Karmi: I don’t think even Arafat could have delivered it along the Camp David lines. I don’t anyone could. There were a number of things wrong with that agreement: Water rights, sovereignty for East Jerusalem and control of the borders. Jerusalem was never clearly defined. Yes, Barak went further than anyone else has gone. That’s not to say that it was far enough. Refugees for instance: Huge, probably the thorniest issue. Camp David essentially divided the West Bank in two, and this is very problematic in terms of what is purely logistical for a Palestinian state, which no one wants to talk about at all. East Jerusalem is extremely important; it’s not just a magical symbol, it’s a huge advantage to have the infrastructure that’s there, the revenue from tourism, etc. Therefore, these issues have to be resolved and have to go forward from where they were at Camp David.

So do you look for a quick move towards peace or are we going to see another long-term interim process?

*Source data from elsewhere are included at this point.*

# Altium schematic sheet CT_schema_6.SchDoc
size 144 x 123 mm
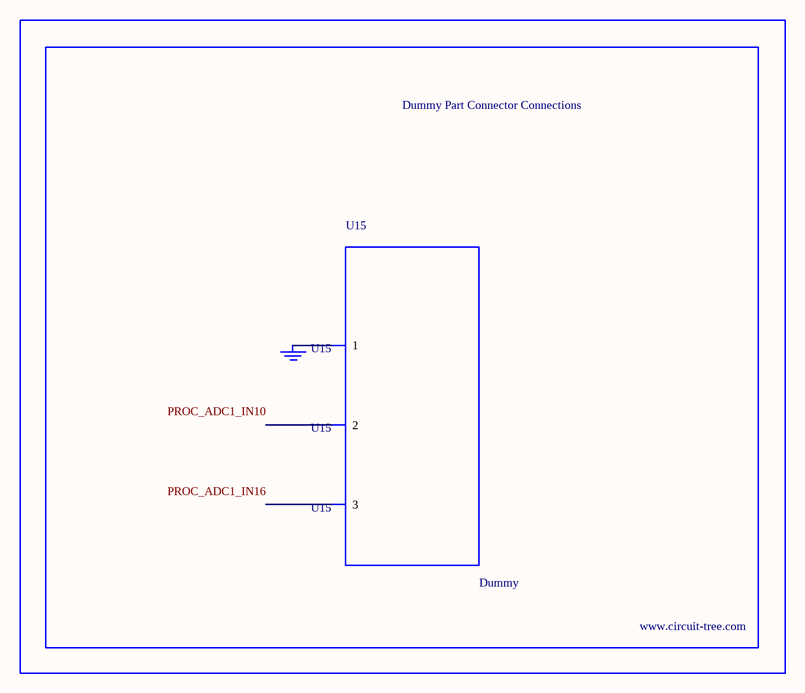
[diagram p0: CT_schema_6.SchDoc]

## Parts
BORDER5  (no value)
GND_INSTANCE_5_0  (no value)
U15  Dummy  [DUMMY_PACKAGE_129]

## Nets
NetGND_INSTANCE_5_0_0: GND_INSTANCE_5_0.0(GND) U15.1

Not connected (* = marked no-connect by the designer): U15 2 3

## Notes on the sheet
- Labels drawn without touching a wire or pin: PROC_ADC1_IN10, PROC_ADC1_IN16

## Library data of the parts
BORDER5 = BORDER_PAGE5
GND_INSTANCE_5_0 = GND
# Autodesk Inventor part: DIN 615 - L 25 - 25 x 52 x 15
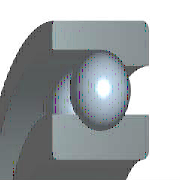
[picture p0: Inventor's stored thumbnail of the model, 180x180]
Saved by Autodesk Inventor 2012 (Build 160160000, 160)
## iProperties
Created: 2011-02
Part Number: DIN 615 - L 25 - 25 x 52 x 15
Material: Steel, Mild
Description: Magneto Ball Bearing
Document SubType Name: Modeling
Standard: DIN 615
Designer: Admin
Standards Organization: DIN
Language: en-US
Size Designation: L 25 - 25 x 52 x 15
Categories: <MemberInstance><Categories><Category DisplayName="Shaft Parts" InternalName="7f7aeb1f-a693-4053-b835-cee3144e0d98" Mnemonic="SHFT"><Category DisplayName="Beari
Density: 1 g/cm^3
IsCustomPart: 0
Author: Admin
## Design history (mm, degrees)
revolve "Body" stored, may be unused: angle "d8" = 90 deg
revolve "Ball" stored, may be unused: angle "d11" = 90 deg
pattern_circular "Balls" dims angle "d3" = 360 deg
body "Solid1"
sketch "Sketch" dims "d4" = 7.83 (= DDB)
  geometry: L1 (3.585, 19.25)-(11.415, 19.25); L2 (4.368, 16.901)-(0, 16.901); L3 (10.632, 16.901)-(15, 16.901); L4 (7.5, 23.165)-(0, 23.165); L5 (0, 26)-(15, 26); L6 (0, 12.5)-(15, 12.5); L7 (15, 12.5)-(15, 16.901); L8 (10.632, 21.599)-(15, 21.599); L9 (15, 21.599)-(15, 26); L10 (7.5, 19.25)-(7.5, 23.165); L11 (7.5, 19.25)-(7.5, 15.335); L12 (-3.2, 0)-(19.2, 0) reference; L13 (0, -2.6)-(0, 17.35) reference
  constraints: 22 end point, 5 parallel, 4 collinear, 4 point on line, 2 perpendicular, 1 horizontal, 1 midpoint, 9 other
  dimensions: "d10" = 25 diameter of L6 L12 (= WD); "d12" = 43.198 diameter of L8 L12 (= KAD1); "d14" = 38.5 diameter of L10.start L12 (= DDA); "d15" = 52 diameter of L5 L12 (= BD); "d16" = 33.802 diameter of L2 L12 (= KID1); "d17" = 15 distance between parallel lines of L13 L7 (= KB); "d18" = 7.5 distance from line of L13 L10.start (= 0.5 x KB)
fillet "Fillet1" dims "d0" = 1 (= KR1S), "d1" = 0.6 (= KR3S)
other parameters: "WD" = 25 [user parameter; used in 2 equation terms], "BD" = 52 [user parameter; used in 2 equation terms], "KB" = 15 [user parameter; used in 2 equation terms], "KR1S" = 1 [user parameter; used in 1 equation term], "KR3S" = 0.6 [user parameter; used in 1 equation term], "KID1" = 33.802 [user parameter; used in 1 equation term], "KAD1" = 43.198 [user parameter; used in 2 equation terms], "DDA" = 38.5 [user parameter; used in 1 equation term], "DDB" = 7.83 [user parameter; used in 2 equation terms], "d5" = 0, "d6" = 0, "d7" = 0, "d9" = 0, "d19" = 0, "WR" = 12.5 (= 0.5 x WD) [user parameter], "BC" = 8650000 [user parameter], "BC0" = 1730000 [user parameter], "DBB" = 46.33 [user parameter], "BR" = 26 (= 0.5 x BD) [user parameter], "BBA" = 0 [user parameter]
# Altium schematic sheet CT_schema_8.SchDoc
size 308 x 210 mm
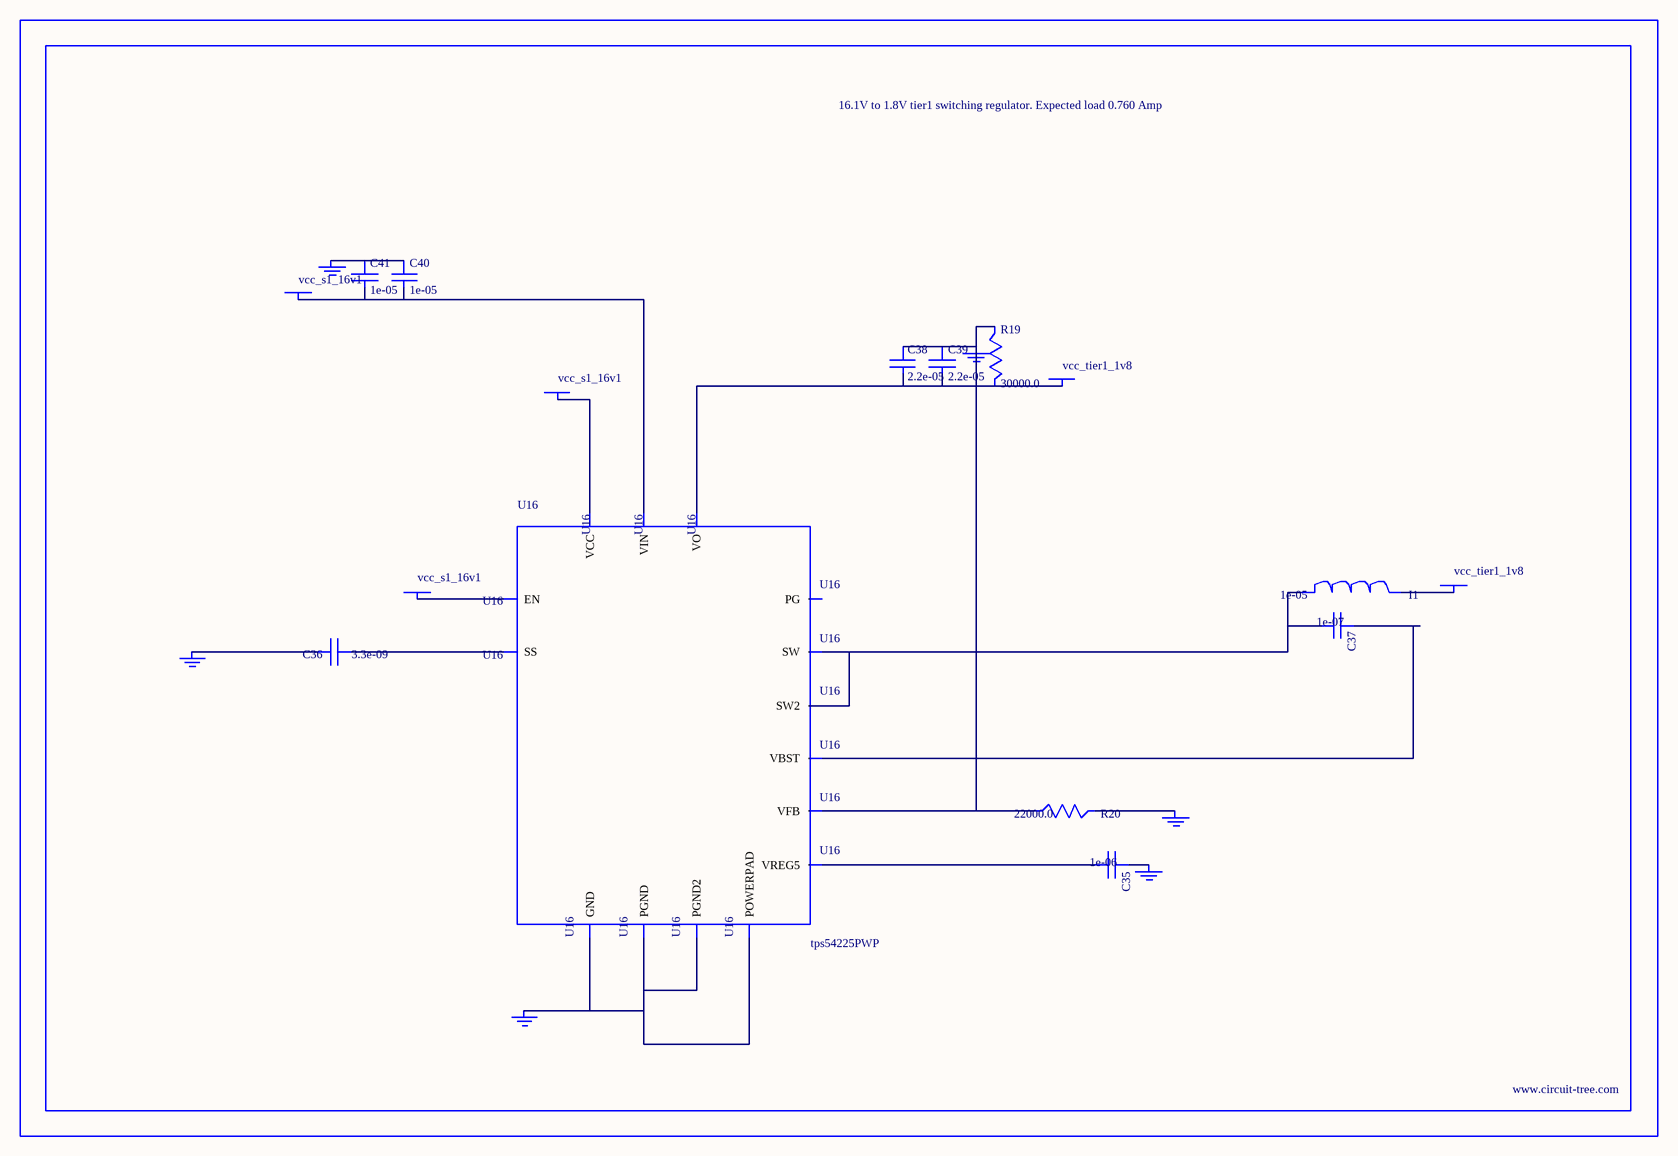
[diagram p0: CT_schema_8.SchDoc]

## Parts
BORDER7  (no value)
C35  1e-06  [C0603]
C36  3.3e-09  [C0402]
C37  1e-07  [C0402]
C38  2.2e-05  [C1210]
C39  2.2e-05  [C1210]
C40  1e-05  [C1206]
C41  1e-05  [C1206]
GND_INSTANCE_7_0  (no value)
GND_INSTANCE_7_1  (no value)
GND_INSTANCE_7_2  (no value)
GND_INSTANCE_7_3  (no value)
GND_INSTANCE_7_4  (no value)
GND_INSTANCE_7_5  (no value)
I1  1e-05  [IND_PM3316]
POWER_INSTANCE_7_0  vcc_tier1_1v8
POWER_INSTANCE_7_1  vcc_s1_16v1
POWER_INSTANCE_7_2  vcc_tier1_1v8
POWER_INSTANCE_7_3  vcc_s1_16v1
POWER_INSTANCE_7_4  vcc_s1_16v1
R19  30000.0  [R0603]
R20  22000.0  [R0603]
U16  tps54225PWP  [HTSSOP14]

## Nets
NetC35_1: C35.1 GND_INSTANCE_7_2.0(GND)
NetC35_2: C35.2 U16.3(VREG5)
NetC36_1: C36.1 U16.4(SS)
NetC36_2: C36.2 GND_INSTANCE_7_3.0(GND)
NetC37_1: C37.1 U16.12(VBST)
NetC37_2: C37.2 I1.1 U16.10(SW) U16.11(SW2)
NetC38_1: C38.1 C39.1 GND_INSTANCE_7_0.0(GND) R19.1 R20.1 U16.2(VFB)
NetC38_2: C38.2 C39.2 POWER_INSTANCE_7_0.0(PWR) R19.2 U16.1(VO)
NetC40_1: C40.1 C41.1 GND_INSTANCE_7_5.0(GND)
NetC40_2: C40.2 C41.2 POWER_INSTANCE_7_3.0(PWR) U16.13(VIN)
NetGND_INSTANCE_7_1_0: GND_INSTANCE_7_1.0(GND) R20.2
NetGND_INSTANCE_7_4_0: GND_INSTANCE_7_4.0(GND) U16.5(GND) U16.8(PGND) U16.9(PGND2) U16.15(POWERPAD)
NetI1_2: I1.2 POWER_INSTANCE_7_2.0(PWR)
NetPOWER_INSTANCE_7_1_0: POWER_INSTANCE_7_1.0(PWR) U16.7(EN)
NetPOWER_INSTANCE_7_4_0: POWER_INSTANCE_7_4.0(PWR) U16.14(VCC)

Not connected (* = marked no-connect by the designer): U16 6(PG)

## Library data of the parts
BORDER7 = BORDER_PAGE7
C35 = C0603C105K3RACTU
C36 = C0402C332K3RAC
C37 = C0402C104K3RACTU
C38 C39 = GRM32ER61E226ME15L
C40 C41 = C1206C106K3RACTU
GND_INSTANCE_7_0-GND_INSTANCE_7_5 = GND
I1 = PM3316-100M-RC
POWER_INSTANCE_7_0-POWER_INSTANCE_7_4 = PWR
R19 = RC0603JR-0730KL
R20 = RC0603JR-0722KL

Avineri: The latter one. Look, everyone makes analogies but doesn’t think about the consequences. Look at Bosnia, Cyprus, Kashmir and Kosovo. They have the same ingredients as the Israeli/Palestinian conflict. They are about conflicting narratives and national movements, history, territoriality, sovereignty—not about religion as such. In none of these conflicts has anyone come up with a reasonable way to find a solution. No one knows how to solve Kosovo. The world community thought that they had solved Cyprus with the Annan plan, everyone in the world agreed except the local population. There is a whole range of little plans. Perhaps this is the only thing we can do. Those people who think there is a quick fix for the Israeli/Palestinian conflict should look at the Kosovo situation and realize how difficult it is, and our conflict is much more complicated.